:: TASK STATEMENT ::
Please transcribe the listing below in full, exactly as written, leaving out its pictures.
*** Opening of RECORDS FOR THE TASK ***
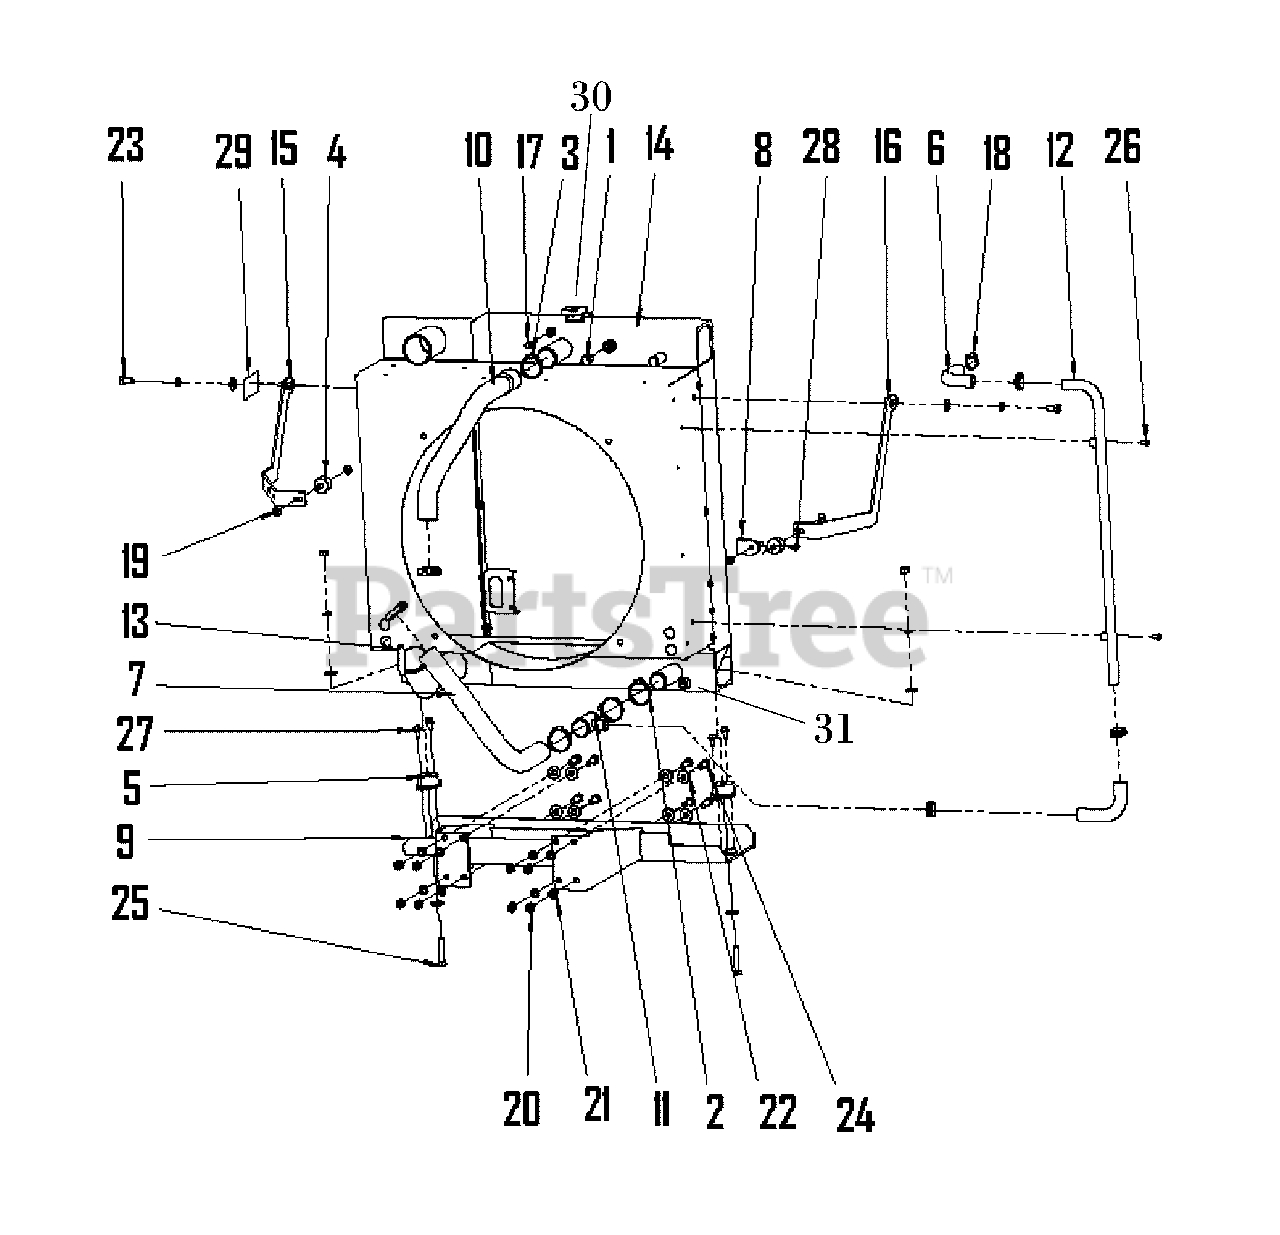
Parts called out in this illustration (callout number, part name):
1	* PLUG
3	* CLAMP
4	* ISOLATOR
5	* ISOLATOR
6	* HOSE
8	* BRACKET
9	* SUPPORT
11	* PIPE
12	* PIPE
13	* TRIM
15	* BRACKET
16	* BRACKET
17	* PLUG
18	* CLAMP
19	* NUT
20	* NUT
21	* WASHER
22	* WASHER
23	* BOLT
24	* BOLT
25	* BOLT
26	* BOLT
27	* BOLT
28	* BOLT
29	* STICKER
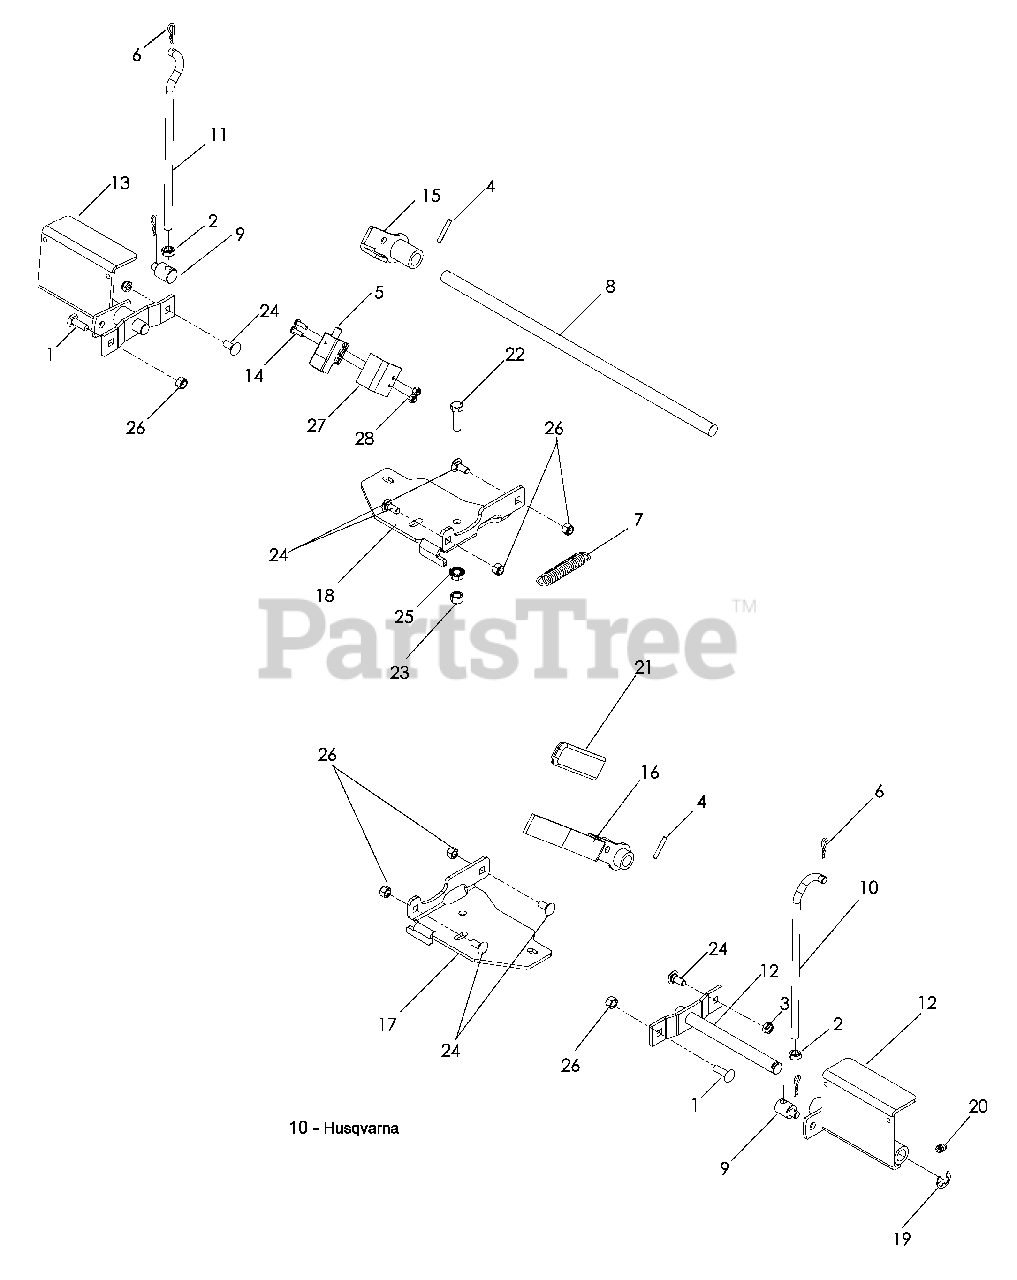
*** Close of RECORDS FOR THE TASK ***
:: TASK RESPONSE ::
Parts called out in this illustration (callout number, part name):
1	* PLUG
3	* CLAMP
4	* ISOLATOR
5	* ISOLATOR
6	* HOSE
8	* BRACKET
9	* SUPPORT
11	* PIPE
12	* PIPE
13	* TRIM
15	* BRACKET
16	* BRACKET
17	* PLUG
18	* CLAMP
19	* NUT
20	* NUT
21	* WASHER
22	* WASHER
23	* BOLT
24	* BOLT
25	* BOLT
26	* BOLT
27	* BOLT
28	* BOLT
29	* STICKER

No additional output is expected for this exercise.